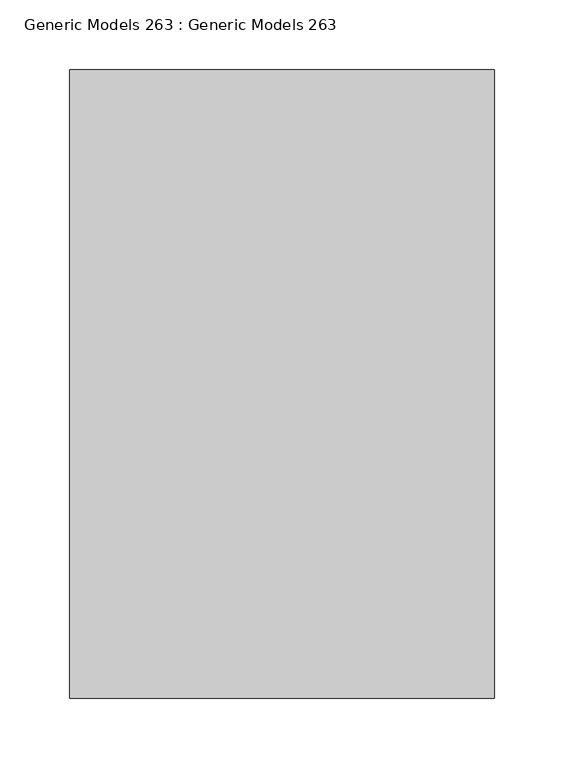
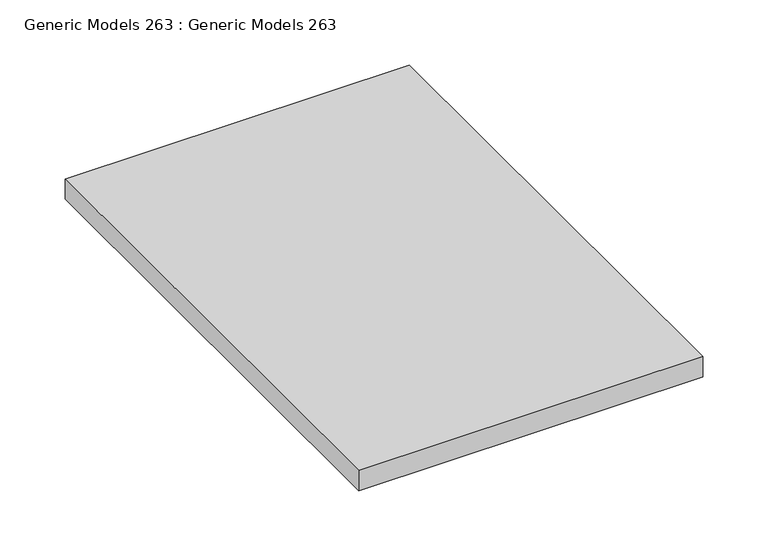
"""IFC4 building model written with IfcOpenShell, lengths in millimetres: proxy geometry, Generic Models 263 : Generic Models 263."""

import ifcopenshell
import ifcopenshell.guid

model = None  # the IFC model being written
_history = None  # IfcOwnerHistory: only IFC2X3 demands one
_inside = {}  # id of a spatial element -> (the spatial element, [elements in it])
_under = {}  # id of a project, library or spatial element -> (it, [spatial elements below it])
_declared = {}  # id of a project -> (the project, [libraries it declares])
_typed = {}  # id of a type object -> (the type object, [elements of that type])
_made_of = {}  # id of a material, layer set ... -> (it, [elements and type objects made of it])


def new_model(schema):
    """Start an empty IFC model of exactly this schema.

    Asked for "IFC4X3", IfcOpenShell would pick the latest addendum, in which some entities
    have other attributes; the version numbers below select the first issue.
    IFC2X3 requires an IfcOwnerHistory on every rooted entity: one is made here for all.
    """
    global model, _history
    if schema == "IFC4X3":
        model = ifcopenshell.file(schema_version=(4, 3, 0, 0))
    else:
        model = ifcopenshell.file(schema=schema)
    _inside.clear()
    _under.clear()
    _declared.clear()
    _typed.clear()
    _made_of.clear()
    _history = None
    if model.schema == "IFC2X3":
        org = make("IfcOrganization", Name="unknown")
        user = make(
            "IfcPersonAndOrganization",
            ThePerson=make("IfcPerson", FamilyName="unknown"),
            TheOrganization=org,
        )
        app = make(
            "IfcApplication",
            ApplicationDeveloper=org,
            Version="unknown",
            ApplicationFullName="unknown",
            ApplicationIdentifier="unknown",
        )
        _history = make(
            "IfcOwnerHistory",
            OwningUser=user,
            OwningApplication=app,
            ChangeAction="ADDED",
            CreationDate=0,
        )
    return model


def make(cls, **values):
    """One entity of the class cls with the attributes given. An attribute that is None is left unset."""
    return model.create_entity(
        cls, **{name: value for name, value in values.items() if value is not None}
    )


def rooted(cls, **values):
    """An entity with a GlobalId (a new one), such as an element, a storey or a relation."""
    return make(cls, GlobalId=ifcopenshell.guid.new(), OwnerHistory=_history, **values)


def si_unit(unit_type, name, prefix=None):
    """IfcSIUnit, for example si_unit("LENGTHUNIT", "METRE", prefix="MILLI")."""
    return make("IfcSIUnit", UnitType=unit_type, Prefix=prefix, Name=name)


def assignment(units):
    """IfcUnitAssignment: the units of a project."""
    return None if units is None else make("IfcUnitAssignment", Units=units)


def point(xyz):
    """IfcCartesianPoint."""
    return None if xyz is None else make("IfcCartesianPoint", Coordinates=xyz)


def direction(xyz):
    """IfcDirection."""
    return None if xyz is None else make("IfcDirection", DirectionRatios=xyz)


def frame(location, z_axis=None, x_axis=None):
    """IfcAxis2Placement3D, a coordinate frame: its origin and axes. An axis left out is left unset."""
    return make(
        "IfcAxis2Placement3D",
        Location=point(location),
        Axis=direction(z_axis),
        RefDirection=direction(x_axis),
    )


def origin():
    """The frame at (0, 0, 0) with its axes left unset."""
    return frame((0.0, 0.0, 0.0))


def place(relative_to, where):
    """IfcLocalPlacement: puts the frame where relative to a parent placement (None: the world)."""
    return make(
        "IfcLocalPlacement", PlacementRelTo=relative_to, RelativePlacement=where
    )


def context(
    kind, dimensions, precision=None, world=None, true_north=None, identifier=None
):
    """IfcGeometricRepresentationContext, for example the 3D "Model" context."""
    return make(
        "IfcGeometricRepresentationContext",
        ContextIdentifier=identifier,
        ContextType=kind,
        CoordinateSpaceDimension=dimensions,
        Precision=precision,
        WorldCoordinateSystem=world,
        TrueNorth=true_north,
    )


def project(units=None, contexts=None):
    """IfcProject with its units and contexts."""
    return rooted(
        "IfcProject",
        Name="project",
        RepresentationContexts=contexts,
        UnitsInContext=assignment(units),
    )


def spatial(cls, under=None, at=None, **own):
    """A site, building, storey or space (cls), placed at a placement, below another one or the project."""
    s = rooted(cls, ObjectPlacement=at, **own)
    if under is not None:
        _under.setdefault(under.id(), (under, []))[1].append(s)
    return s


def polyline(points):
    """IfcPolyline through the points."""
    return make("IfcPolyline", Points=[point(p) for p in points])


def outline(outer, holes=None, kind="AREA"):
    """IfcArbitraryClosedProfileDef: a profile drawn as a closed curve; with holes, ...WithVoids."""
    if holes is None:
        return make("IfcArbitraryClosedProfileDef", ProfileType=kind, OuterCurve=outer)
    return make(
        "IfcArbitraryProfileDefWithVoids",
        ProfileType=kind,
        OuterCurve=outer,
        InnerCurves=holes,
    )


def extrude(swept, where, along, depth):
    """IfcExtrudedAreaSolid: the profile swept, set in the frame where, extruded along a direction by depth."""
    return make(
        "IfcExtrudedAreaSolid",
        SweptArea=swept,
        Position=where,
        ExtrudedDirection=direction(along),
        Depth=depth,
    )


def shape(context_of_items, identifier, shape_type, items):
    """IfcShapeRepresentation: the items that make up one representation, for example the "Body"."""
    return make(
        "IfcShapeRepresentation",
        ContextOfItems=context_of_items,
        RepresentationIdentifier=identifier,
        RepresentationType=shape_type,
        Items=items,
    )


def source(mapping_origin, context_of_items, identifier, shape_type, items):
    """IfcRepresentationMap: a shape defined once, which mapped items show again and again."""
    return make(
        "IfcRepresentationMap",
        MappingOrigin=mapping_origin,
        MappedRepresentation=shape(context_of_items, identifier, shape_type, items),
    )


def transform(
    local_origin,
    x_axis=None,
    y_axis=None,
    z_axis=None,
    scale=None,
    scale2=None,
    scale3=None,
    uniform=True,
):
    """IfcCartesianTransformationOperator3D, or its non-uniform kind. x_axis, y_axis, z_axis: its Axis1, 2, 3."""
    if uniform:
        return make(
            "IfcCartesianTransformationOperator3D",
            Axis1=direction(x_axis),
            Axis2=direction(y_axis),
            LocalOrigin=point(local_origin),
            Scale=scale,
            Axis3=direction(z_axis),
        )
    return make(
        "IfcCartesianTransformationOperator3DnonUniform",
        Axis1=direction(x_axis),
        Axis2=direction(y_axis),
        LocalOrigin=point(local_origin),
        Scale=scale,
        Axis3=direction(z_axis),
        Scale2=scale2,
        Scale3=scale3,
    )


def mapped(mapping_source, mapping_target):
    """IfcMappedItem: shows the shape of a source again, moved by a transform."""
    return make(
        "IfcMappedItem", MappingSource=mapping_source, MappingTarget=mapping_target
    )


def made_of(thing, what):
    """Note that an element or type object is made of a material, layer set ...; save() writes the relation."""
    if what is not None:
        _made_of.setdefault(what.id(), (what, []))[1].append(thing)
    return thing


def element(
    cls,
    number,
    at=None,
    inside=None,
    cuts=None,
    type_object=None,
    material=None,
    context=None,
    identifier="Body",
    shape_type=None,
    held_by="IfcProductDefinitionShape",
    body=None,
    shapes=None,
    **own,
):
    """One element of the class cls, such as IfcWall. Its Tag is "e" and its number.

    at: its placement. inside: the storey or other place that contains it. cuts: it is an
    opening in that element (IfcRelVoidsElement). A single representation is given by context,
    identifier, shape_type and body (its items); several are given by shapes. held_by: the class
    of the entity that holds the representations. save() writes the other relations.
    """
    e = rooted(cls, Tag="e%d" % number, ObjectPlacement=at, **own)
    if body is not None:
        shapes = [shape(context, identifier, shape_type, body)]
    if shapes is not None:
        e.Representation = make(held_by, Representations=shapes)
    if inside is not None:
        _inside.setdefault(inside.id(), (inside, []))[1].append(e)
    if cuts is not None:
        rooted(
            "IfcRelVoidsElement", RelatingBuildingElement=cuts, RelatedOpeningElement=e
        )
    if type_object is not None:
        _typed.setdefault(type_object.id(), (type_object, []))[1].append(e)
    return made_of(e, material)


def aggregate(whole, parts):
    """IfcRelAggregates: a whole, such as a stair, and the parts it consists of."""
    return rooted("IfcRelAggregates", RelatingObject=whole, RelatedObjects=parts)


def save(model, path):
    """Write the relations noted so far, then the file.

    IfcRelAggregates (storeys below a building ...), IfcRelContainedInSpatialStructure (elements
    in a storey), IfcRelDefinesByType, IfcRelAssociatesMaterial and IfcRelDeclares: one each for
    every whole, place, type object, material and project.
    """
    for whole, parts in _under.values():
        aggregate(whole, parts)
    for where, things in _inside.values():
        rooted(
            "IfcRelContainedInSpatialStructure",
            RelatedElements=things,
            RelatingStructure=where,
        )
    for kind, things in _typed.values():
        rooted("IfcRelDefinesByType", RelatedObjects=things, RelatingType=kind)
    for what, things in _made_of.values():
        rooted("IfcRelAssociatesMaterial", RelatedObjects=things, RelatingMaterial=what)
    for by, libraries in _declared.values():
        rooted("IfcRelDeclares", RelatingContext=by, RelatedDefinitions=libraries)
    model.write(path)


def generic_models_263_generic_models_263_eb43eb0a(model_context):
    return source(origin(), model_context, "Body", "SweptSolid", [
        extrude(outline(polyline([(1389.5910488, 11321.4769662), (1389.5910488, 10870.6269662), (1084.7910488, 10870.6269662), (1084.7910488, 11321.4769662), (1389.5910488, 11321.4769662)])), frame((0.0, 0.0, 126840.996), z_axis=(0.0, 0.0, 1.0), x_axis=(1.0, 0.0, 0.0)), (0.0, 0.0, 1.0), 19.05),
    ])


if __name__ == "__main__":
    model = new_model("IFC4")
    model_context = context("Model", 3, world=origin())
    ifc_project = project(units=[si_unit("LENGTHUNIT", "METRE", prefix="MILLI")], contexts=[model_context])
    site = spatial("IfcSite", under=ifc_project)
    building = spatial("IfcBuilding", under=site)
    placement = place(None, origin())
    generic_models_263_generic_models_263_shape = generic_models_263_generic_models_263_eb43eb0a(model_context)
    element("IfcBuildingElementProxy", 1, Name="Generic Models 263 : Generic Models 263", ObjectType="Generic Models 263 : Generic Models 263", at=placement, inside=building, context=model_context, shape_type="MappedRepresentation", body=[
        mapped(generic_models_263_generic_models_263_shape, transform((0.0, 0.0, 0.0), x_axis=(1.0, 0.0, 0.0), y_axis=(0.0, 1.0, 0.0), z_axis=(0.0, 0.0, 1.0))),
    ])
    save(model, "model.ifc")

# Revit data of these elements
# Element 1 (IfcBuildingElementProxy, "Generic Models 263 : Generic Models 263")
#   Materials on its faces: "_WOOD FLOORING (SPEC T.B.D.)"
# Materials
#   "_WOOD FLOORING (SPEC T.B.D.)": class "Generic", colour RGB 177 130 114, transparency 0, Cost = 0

--- --- ---

### TASK DESCRIPTION:
Starting at the first line of the entries, restate word for word everything through the line that holds "[elements in it])", both ends included, but omit any pictures.

### RESULT OF THIS TASK:
"""IFC4 building model written with IfcOpenShell, lengths in millimetres: proxy geometry, Generic Models 263 : Generic Models 263."""

import ifcopenshell
import ifcopenshell.guid

model = None  # the IFC model being written
_history = None  # IfcOwnerHistory: only IFC2X3 demands one
_inside = {}  # id of a spatial element -> (the spatial element, [elements in it])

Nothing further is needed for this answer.